BAMAKO, Mali — Soldiers arrested Mali’s prime minister at his residence late Monday night, signaling new turmoil in a West African nation racked by military interference and an Islamist takeover in the north.







Associated Press

Prime Minister Cheikh Modibo Diarra appeared on state television and announced his government’s resignation on Tuesday.
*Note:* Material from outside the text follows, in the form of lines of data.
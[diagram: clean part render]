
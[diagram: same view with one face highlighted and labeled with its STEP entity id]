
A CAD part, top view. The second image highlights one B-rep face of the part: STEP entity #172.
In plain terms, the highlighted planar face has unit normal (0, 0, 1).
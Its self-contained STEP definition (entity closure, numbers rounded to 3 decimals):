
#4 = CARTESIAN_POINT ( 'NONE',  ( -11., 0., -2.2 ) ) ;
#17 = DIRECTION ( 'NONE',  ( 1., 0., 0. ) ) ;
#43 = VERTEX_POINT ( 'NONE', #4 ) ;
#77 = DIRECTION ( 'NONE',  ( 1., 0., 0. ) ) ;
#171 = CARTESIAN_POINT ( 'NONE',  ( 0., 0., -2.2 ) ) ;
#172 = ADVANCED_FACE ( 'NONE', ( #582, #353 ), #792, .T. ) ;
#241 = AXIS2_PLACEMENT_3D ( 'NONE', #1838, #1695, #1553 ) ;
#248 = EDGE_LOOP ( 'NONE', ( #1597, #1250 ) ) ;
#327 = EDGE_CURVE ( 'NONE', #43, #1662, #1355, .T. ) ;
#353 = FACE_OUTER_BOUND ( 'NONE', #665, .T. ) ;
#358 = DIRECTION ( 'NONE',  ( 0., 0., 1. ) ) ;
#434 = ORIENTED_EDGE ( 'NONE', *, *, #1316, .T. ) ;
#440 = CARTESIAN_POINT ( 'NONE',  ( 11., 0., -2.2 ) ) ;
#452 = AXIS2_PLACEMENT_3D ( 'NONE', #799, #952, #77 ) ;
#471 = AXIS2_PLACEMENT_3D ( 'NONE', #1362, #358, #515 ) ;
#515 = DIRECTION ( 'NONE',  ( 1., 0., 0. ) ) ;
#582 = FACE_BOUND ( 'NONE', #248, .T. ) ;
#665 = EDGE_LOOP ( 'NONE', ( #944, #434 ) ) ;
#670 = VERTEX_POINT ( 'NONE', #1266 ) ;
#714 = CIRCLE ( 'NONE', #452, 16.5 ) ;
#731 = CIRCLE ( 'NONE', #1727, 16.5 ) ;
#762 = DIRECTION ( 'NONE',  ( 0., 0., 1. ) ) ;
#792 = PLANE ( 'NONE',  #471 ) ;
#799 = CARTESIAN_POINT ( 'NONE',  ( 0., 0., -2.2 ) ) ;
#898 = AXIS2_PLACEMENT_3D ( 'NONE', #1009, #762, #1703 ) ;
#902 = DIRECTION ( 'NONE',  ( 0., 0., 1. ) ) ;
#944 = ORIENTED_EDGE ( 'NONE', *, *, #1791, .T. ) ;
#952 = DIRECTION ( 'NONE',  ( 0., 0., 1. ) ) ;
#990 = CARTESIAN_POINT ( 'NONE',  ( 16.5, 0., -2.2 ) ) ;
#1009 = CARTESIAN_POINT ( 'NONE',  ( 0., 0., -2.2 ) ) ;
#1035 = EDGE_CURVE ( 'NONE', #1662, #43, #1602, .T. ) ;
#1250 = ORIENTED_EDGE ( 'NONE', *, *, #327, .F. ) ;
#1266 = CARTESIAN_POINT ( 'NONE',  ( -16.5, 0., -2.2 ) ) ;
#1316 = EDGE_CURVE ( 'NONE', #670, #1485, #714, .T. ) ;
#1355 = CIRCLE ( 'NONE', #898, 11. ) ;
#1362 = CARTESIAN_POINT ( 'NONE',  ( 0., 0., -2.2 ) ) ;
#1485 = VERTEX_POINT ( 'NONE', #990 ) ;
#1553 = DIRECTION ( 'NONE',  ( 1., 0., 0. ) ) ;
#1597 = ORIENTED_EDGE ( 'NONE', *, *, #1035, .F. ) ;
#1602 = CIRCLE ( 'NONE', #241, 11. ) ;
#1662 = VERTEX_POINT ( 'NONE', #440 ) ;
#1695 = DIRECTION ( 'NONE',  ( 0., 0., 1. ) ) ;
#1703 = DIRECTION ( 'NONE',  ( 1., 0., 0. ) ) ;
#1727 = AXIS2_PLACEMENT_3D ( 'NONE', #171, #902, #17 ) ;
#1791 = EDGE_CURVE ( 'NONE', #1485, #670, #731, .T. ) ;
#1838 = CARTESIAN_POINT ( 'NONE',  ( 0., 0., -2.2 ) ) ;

Hours later, Prime Minister Cheikh Modibo Diarra appeared grim-faced on national television to announce his government’s resignation. A spokesman for soldiers who seized power earlier in the year — and later nominally relinquished it to Mr. Diarra — confirmed the prime minister’s arrest on Tuesday morning, accusing him of “playing a personal agenda” while the country faced a crisis in the north. The soldiers arrived at Mr. Diarra’s home around 11 p.m. Monday as he was preparing for a flight to Paris for a medical checkup, said the military spokesman, Bakary Mariko. The prime minister was taken to the military encampment at Kati, just outside Bamako, the capital, where Capt. Amadou Sanogo, the officer who led the March military coup, and others told him “there were proofs against him that he was calling for subversion,” Mr. Mariko said.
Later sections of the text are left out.